Task – Exclude all pictures, then write out exactly the lines below from the first one through the line with "layer by layer".

Collected data –
BEGIN

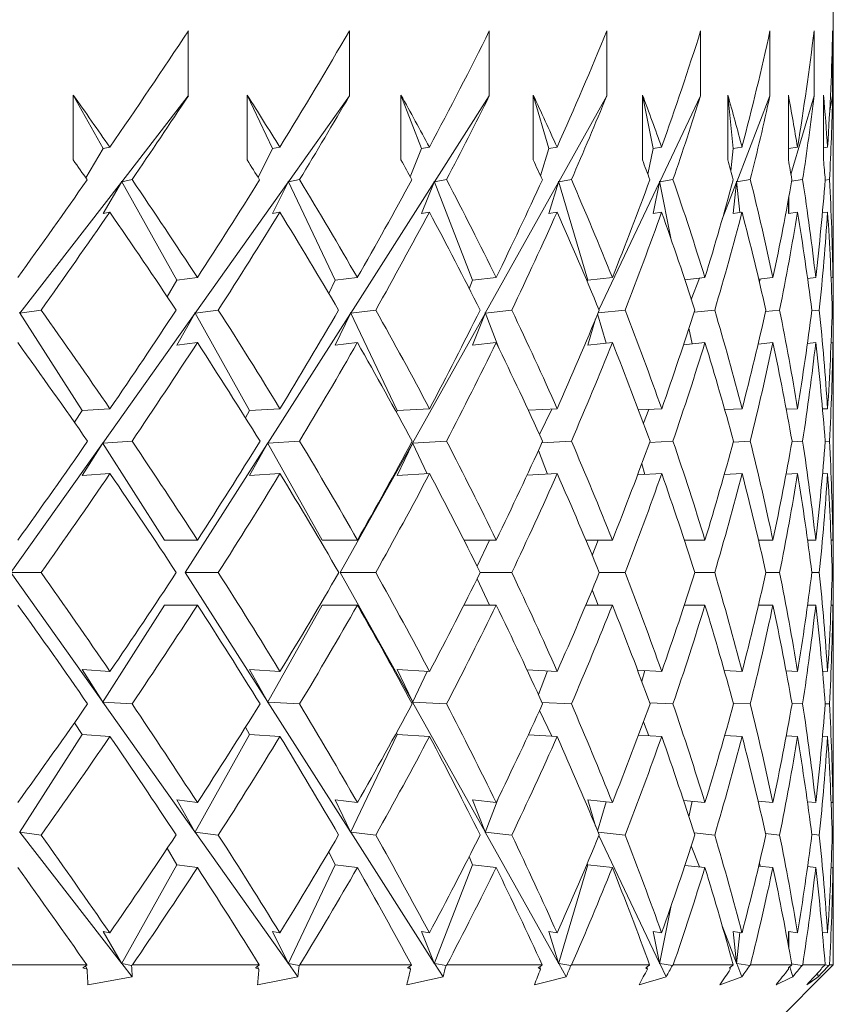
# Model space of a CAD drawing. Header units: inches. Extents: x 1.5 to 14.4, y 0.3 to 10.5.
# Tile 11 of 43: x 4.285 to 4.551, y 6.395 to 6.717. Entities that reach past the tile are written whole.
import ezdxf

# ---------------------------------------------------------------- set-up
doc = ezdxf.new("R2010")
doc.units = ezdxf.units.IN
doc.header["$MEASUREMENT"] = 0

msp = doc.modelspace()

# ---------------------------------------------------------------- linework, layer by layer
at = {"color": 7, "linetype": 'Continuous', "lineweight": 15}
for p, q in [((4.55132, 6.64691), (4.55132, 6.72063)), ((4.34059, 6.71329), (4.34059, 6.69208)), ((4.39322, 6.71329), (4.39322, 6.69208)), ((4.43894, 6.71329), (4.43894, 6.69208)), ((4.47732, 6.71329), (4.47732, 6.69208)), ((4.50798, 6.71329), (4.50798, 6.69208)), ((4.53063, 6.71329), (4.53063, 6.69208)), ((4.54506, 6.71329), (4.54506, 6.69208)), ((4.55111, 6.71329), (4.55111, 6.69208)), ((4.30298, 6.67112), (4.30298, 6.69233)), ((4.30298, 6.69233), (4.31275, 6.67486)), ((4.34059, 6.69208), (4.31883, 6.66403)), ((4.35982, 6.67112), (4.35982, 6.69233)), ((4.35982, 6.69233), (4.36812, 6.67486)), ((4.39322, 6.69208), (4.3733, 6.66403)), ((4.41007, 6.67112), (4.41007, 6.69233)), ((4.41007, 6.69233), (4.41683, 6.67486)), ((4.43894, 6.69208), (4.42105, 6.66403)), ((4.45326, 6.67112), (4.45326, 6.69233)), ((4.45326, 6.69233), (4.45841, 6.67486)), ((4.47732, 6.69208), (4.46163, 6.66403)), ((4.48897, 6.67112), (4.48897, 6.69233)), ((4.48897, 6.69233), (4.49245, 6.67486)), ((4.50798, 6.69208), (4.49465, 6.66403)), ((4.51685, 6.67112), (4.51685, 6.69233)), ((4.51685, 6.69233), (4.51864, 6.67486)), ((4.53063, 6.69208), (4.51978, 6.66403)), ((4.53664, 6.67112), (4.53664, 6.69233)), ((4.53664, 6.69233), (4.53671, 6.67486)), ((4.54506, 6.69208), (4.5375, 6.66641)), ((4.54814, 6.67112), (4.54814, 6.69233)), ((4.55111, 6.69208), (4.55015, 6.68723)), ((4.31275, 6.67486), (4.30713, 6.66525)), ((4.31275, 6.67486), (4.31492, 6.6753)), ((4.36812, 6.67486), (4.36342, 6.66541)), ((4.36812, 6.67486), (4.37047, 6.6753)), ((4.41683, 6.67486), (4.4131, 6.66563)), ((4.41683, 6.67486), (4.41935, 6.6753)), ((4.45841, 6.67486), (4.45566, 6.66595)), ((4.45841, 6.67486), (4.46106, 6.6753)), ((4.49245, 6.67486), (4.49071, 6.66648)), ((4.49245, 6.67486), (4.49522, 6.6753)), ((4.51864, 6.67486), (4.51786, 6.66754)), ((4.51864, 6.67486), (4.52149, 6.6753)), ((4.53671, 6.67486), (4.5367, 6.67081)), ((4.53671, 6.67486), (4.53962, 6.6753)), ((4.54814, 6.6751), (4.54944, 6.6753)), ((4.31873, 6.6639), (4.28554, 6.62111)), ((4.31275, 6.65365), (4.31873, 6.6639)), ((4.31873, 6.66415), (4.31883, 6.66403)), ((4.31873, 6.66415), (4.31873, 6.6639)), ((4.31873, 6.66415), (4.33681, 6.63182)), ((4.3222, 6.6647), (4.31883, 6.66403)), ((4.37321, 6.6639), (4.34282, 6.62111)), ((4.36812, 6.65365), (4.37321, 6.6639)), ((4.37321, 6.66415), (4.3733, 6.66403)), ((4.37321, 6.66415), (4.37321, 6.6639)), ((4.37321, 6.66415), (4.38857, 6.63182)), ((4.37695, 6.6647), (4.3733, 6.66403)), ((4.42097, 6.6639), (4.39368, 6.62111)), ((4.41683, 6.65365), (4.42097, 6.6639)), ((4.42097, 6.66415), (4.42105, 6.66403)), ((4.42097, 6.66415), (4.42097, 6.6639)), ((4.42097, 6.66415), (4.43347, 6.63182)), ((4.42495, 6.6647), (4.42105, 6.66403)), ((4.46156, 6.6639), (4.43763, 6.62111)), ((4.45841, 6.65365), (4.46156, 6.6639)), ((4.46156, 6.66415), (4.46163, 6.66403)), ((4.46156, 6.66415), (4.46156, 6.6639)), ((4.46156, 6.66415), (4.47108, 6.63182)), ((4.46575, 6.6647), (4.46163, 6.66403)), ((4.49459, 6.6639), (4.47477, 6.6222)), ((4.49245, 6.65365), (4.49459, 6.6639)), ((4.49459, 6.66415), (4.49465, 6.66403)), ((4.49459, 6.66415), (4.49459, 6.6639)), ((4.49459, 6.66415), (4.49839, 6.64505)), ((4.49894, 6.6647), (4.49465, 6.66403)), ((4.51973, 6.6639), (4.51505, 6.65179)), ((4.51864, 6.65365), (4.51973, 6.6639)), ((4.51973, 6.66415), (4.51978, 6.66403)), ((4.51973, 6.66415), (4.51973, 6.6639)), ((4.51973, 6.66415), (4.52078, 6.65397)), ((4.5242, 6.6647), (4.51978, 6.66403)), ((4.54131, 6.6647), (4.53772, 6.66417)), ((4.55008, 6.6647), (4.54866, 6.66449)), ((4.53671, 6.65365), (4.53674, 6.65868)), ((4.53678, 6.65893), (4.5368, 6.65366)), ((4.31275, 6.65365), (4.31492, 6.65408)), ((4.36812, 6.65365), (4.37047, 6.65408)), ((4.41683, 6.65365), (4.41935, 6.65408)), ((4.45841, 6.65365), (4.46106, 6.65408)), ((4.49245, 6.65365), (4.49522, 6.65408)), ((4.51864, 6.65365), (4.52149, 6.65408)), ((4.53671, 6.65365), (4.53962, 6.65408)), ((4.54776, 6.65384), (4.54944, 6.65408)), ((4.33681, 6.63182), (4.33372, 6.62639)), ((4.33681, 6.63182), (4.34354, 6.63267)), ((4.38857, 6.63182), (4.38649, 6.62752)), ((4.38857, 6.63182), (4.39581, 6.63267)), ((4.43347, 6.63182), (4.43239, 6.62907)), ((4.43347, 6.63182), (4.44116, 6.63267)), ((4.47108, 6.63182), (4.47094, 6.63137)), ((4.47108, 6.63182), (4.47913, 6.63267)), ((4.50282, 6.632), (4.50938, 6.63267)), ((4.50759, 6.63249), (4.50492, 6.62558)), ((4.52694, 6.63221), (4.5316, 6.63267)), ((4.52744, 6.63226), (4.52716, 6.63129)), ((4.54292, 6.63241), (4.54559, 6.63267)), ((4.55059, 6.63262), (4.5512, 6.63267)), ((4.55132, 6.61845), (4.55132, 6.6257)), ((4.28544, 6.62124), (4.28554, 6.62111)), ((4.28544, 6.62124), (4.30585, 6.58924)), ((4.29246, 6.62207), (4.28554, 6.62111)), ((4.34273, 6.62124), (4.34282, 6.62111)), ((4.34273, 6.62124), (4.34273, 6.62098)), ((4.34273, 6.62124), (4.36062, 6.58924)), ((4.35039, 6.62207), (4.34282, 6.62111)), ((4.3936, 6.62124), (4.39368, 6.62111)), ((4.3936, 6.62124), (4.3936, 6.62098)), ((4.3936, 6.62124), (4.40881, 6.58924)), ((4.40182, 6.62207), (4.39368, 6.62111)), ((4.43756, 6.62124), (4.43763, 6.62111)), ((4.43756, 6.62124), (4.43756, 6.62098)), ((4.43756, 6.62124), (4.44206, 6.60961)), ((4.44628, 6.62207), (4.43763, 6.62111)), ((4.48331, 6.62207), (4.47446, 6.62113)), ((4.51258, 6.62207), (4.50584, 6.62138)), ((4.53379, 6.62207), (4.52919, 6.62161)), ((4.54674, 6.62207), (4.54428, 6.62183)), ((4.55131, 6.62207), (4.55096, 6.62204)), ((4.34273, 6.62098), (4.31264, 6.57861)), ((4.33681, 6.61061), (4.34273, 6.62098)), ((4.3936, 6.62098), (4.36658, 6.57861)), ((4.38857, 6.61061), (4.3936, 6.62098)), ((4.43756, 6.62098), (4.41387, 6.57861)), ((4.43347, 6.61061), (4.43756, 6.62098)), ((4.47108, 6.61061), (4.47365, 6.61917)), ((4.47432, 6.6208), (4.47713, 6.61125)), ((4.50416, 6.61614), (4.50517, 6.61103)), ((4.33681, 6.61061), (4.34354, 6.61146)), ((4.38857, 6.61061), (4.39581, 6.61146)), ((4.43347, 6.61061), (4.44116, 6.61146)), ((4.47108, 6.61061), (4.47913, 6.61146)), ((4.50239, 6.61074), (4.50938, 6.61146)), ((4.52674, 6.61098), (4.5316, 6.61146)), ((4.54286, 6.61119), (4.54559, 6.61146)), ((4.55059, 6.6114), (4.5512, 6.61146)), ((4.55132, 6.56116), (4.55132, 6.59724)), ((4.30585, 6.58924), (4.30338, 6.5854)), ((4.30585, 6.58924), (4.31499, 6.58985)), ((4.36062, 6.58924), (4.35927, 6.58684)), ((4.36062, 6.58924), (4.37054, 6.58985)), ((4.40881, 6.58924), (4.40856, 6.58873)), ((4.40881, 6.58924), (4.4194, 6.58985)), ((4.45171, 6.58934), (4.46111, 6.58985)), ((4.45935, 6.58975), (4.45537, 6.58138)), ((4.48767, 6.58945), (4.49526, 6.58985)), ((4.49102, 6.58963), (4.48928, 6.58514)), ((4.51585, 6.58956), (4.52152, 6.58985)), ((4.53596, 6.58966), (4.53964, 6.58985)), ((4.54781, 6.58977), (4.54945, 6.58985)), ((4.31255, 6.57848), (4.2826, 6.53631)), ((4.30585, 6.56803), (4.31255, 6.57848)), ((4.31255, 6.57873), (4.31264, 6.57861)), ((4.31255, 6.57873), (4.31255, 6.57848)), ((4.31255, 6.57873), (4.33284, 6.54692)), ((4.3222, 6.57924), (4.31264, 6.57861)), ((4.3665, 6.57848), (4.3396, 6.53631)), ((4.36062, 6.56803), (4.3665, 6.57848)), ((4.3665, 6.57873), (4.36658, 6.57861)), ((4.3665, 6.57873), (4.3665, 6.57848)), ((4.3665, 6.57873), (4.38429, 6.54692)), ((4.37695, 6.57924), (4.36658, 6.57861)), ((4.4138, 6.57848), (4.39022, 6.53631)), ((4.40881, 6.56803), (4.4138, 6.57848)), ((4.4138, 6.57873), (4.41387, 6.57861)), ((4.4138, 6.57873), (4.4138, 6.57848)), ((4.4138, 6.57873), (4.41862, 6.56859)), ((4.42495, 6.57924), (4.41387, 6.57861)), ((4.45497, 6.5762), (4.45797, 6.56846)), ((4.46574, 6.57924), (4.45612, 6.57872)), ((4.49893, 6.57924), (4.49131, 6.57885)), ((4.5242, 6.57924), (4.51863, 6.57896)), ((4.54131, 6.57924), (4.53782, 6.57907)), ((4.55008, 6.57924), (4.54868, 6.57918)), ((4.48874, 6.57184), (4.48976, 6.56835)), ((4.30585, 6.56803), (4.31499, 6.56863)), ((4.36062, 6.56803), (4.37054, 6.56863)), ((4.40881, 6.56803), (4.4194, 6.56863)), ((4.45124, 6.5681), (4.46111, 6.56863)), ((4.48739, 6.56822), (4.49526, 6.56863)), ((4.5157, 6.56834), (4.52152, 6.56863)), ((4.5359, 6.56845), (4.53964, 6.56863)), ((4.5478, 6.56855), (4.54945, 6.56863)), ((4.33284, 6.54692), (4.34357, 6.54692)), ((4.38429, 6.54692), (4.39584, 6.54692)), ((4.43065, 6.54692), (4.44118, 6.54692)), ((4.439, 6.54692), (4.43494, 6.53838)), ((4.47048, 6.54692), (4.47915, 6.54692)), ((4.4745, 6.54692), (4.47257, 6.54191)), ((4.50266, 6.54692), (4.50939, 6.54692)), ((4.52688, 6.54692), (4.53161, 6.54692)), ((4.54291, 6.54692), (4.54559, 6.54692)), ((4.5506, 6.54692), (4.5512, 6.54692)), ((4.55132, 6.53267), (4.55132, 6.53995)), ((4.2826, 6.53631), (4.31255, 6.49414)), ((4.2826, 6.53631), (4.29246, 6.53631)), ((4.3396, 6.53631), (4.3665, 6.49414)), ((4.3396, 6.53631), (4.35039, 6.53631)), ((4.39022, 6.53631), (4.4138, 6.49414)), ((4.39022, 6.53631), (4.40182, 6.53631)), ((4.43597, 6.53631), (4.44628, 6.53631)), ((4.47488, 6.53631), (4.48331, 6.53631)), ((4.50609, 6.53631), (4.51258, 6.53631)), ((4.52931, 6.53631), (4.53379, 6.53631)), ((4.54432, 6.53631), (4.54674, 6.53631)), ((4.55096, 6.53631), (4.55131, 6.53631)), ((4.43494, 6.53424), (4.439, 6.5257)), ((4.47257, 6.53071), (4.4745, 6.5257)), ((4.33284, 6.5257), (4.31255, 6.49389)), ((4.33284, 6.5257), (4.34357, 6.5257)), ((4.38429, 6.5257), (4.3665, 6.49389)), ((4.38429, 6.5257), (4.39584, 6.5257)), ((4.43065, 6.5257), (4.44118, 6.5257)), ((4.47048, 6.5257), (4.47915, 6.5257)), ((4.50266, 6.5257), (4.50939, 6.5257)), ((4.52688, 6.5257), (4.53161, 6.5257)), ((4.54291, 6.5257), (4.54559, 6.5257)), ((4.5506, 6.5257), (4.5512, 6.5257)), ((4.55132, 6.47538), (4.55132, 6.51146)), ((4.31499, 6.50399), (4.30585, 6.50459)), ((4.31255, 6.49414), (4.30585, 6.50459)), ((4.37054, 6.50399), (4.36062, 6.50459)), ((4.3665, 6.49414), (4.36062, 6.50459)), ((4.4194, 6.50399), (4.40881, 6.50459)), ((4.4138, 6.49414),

END

Task result –
# Model space of a CAD drawing. Header units: inches. Extents: x 1.5 to 14.4, y 0.3 to 10.5.
# Tile 11 of 43: x 4.285 to 4.551, y 6.395 to 6.717. Entities that reach past the tile are written whole.
import ezdxf

# ---------------------------------------------------------------- set-up
doc = ezdxf.new("R2010")
doc.units = ezdxf.units.IN
doc.header["$MEASUREMENT"] = 0

msp = doc.modelspace()

# ---------------------------------------------------------------- linework, layer by layer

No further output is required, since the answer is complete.